In the 1st century BC, the expanding Roman Republic absorbed the whole Eastern Mediterranean area (which included much of the Near East) and under the Roman Empire the region was united with most of Europe and North Africa in a single political and economic unit. Even areas not directly annexed became strongly influenced by the Empire, which became the most powerful political and cultural entity for centuries.

Although Latin culture spread into the region, the Greek culture and language first established in the region by the Macedonian Empire would continue to dominate throughout the Roman period. Cities in the Middle East, especially Alexandria, became major urban centers for the Empire and the region became the Empire’s “bread basket” as the key agricultural producer.

As the Christian religion spread throughout the Empire it took root in the Middle East and cities such as Alexandria became important centers of Christian scholarship. By the 5th century, Roman Christianity was the dominant religion in the Middle East with other faiths (gradually including heretical Christian sects) being actively repressed.

The Middle East’s ties to the city of Rome would gradually be severed as the Empire split into East and West with the Middle East becoming tied to the new Roman capital of Constantinople. The subsequent fall of Rome and the Western Roman Empire, therefore, had minimal direct impact on the region.
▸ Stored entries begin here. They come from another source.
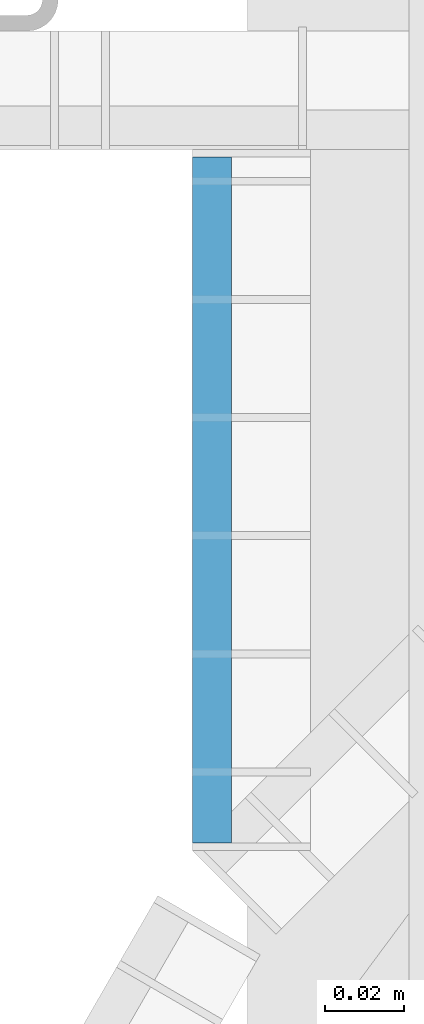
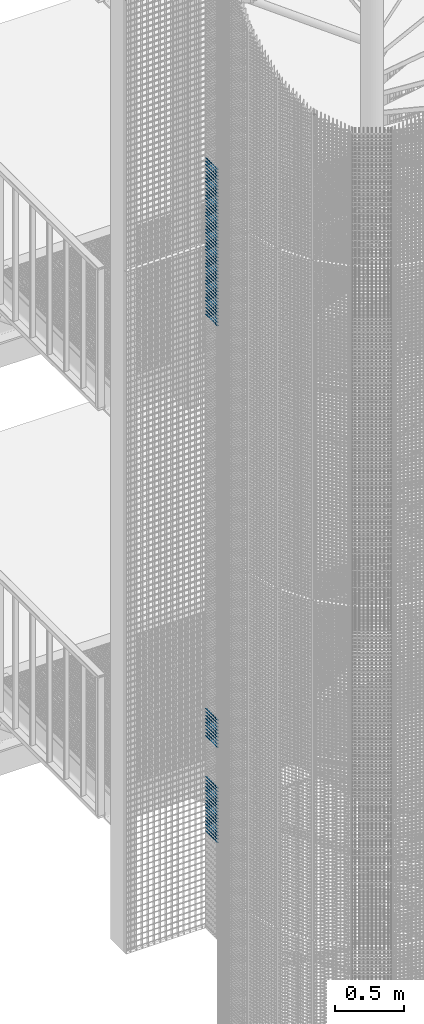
# One storey, part 176 of 1148: 73 beams, 2 elements without a shape of their own.
"""IFC2X3 building model written with IfcOpenShell, lengths in millimetres."""

from ifc_helpers import new_model, si_unit, frame, origin_with_axes, origin_2d_with_axis, place, context, subcontext, project, spatial, rectangle, extrude, material, type_object, element, aggregate, save


model = new_model("IFC2X3")

# Units and contexts
model_context = context("Model", 3, precision=1e-05, world=origin_with_axes())
body_context = subcontext(model_context, "Body", "Model", "MODEL_VIEW")
ifc_project = project(units=[si_unit("LENGTHUNIT", "METRE", prefix="MILLI"), si_unit("AREAUNIT", "SQUARE_METRE"), si_unit("VOLUMEUNIT", "CUBIC_METRE"), si_unit("MASSUNIT", "GRAM", prefix="KILO"), si_unit("TIMEUNIT", "SECOND"), si_unit("PLANEANGLEUNIT", "RADIAN"), si_unit("SOLIDANGLEUNIT", "STERADIAN"), si_unit("THERMODYNAMICTEMPERATUREUNIT", "DEGREE_CELSIUS"), si_unit("LUMINOUSINTENSITYUNIT", "LUMEN")], contexts=[model_context])

# Site, building, storey
site_placement = place(None, origin_with_axes())
site = spatial("IfcSite", under=ifc_project, at=site_placement, Name="Undefined", CompositionType="ELEMENT")
building_placement = place(site_placement, origin_with_axes())
building = spatial("IfcBuilding", under=site, at=building_placement, Name="Undefined", CompositionType="ELEMENT")
storey_placement = place(building_placement, origin_with_axes())
storey = spatial("IfcBuildingStorey", under=building, at=storey_placement, Name="Undefined", CompositionType="ELEMENT", Elevation=0.0)

# Assembly, beams
assembly_1_placement = place(storey_placement, origin_with_axes())
assembly_1 = element("IfcElementAssembly", 1, at=assembly_1_placement, inside=storey, Name="BORDURE", AssemblyPlace="NOTDEFINED", PredefinedType="NOTDEFINED")
ifc_material = material(Name="STEEL/S235JR")
beam_type = type_object("IfcBeamType", Name="PL2*10", PredefinedType="NOTDEFINED")
beam_1_placement = place(assembly_1_placement, frame((-884.882567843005, 867.997017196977, 6510.0), z_axis=(-1.0, 0.0, 0.0), x_axis=(0.0, -1.0, 0.0)))
beam_1 = element("IfcBeam", 2, at=beam_1_placement, type_object=beam_type, material=ifc_material, Name="ENTRETOISE", context=body_context, shape_type="SweptSolid", body=[
    extrude(rectangle(XDim=2.0, YDim=10.0, at=origin_2d_with_axis()), frame((174.109999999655, 0.0, 0.0), z_axis=(-1.0, 0.0, 0.0), x_axis=(0.0, -1.0, 0.0)), (0.0, 0.0, 1.0), 174.11),
])
beam_2_placement = place(assembly_1_placement, frame((-884.882567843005, 867.997017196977, 6480.0), z_axis=(-1.0, 0.0, 0.0), x_axis=(0.0, -1.0, 0.0)))
beam_2 = element("IfcBeam", 3, at=beam_2_placement, type_object=beam_type, material=ifc_material, Name="ENTRETOISE", context=body_context, shape_type="SweptSolid", body=[
    extrude(rectangle(XDim=2.0, YDim=10.0, at=origin_2d_with_axis()), frame((174.109999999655, 0.0, 0.0), z_axis=(-1.0, 0.0, 0.0), x_axis=(0.0, -1.0, 0.0)), (0.0, 0.0, 1.0), 174.11),
])
beam_3_placement = place(assembly_1_placement, frame((-884.882567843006, 867.997017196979, 6870.0), z_axis=(-1.0, 0.0, 0.0), x_axis=(0.0, -1.0, 0.0)))
beam_3 = element("IfcBeam", 4, at=beam_3_placement, type_object=beam_type, material=ifc_material, Name="ENTRETOISE", context=body_context, shape_type="SweptSolid", body=[
    extrude(rectangle(XDim=2.0, YDim=10.0, at=origin_2d_with_axis()), frame((174.109999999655, 0.0, 0.0), z_axis=(-1.0, 0.0, 0.0), x_axis=(0.0, -1.0, 0.0)), (0.0, 0.0, 1.0), 174.11),
])
beam_4_placement = place(assembly_1_placement, frame((-884.882567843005, 867.997017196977, 6450.0), z_axis=(-1.0, 0.0, 0.0), x_axis=(0.0, -1.0, 0.0)))
beam_4 = element("IfcBeam", 5, at=beam_4_placement, type_object=beam_type, material=ifc_material, Name="ENTRETOISE", context=body_context, shape_type="SweptSolid", body=[
    extrude(rectangle(XDim=2.0, YDim=10.0, at=origin_2d_with_axis()), frame((174.109999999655, 0.0, 0.0), z_axis=(-1.0, 0.0, 0.0), x_axis=(0.0, -1.0, 0.0)), (0.0, 0.0, 1.0), 174.11),
])
beam_5_placement = place(assembly_1_placement, frame((-884.882567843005, 867.997017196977, 6420.0), z_axis=(-1.0, 0.0, 0.0), x_axis=(0.0, -1.0, 0.0)))
beam_5 = element("IfcBeam", 6, at=beam_5_placement, type_object=beam_type, material=ifc_material, Name="ENTRETOISE", context=body_context, shape_type="SweptSolid", body=[
    extrude(rectangle(XDim=2.0, YDim=10.0, at=origin_2d_with_axis()), frame((174.109999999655, 0.0, 0.0), z_axis=(-1.0, 0.0, 0.0), x_axis=(0.0, -1.0, 0.0)), (0.0, 0.0, 1.0), 174.11),
])
beam_6_placement = place(assembly_1_placement, frame((-884.882567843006, 867.997017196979, 6900.0), z_axis=(-1.0, 0.0, 0.0), x_axis=(0.0, -1.0, 0.0)))
beam_6 = element("IfcBeam", 7, at=beam_6_placement, type_object=beam_type, material=ifc_material, Name="ENTRETOISE", context=body_context, shape_type="SweptSolid", body=[
    extrude(rectangle(XDim=2.0, YDim=10.0, at=origin_2d_with_axis()), frame((174.109999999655, 0.0, 0.0), z_axis=(-1.0, 0.0, 0.0), x_axis=(0.0, -1.0, 0.0)), (0.0, 0.0, 1.0), 174.11),
])
beam_7_placement = place(assembly_1_placement, frame((-884.882567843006, 867.997017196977, 6390.0), z_axis=(-1.0, 0.0, 0.0), x_axis=(0.0, -1.0, 0.0)))
beam_7 = element("IfcBeam", 8, at=beam_7_placement, type_object=beam_type, material=ifc_material, Name="ENTRETOISE", context=body_context, shape_type="SweptSolid", body=[
    extrude(rectangle(XDim=2.0, YDim=10.0, at=origin_2d_with_axis()), frame((174.109999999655, 0.0, 0.0), z_axis=(-1.0, 0.0, 0.0), x_axis=(0.0, -1.0, 0.0)), (0.0, 0.0, 1.0), 174.11),
])
beam_8_placement = place(assembly_1_placement, frame((-884.882567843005, 867.997017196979, 6930.0), z_axis=(-1.0, 0.0, 0.0), x_axis=(0.0, -1.0, 0.0)))
beam_8 = element("IfcBeam", 9, at=beam_8_placement, type_object=beam_type, material=ifc_material, Name="ENTRETOISE", context=body_context, shape_type="SweptSolid", body=[
    extrude(rectangle(XDim=2.0, YDim=10.0, at=origin_2d_with_axis()), frame((174.109999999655, 0.0, 0.0), z_axis=(-1.0, 0.0, 0.0), x_axis=(0.0, -1.0, 0.0)), (0.0, 0.0, 1.0), 174.11),
])
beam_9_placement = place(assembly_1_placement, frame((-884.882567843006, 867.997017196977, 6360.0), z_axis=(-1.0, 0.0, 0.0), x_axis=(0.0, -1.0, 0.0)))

The Eastern Roman Empire, today commonly known as the Byzantine Empire, ruling from the Balkans to the Euphrates, became increasingly defined by and dogmatic about Christianity gradually creating religious rifts between the doctrines dictated by the establishment in Constantinople and believers in many parts of the Middle East.

At the time Greek had turned to the ‘lingua franca’ of the region, although ethnicities such as the Syriacs and the Hebrew continued to exist. Under Byzantine/Greek rule the area of the levant met an era of stability and prosperity.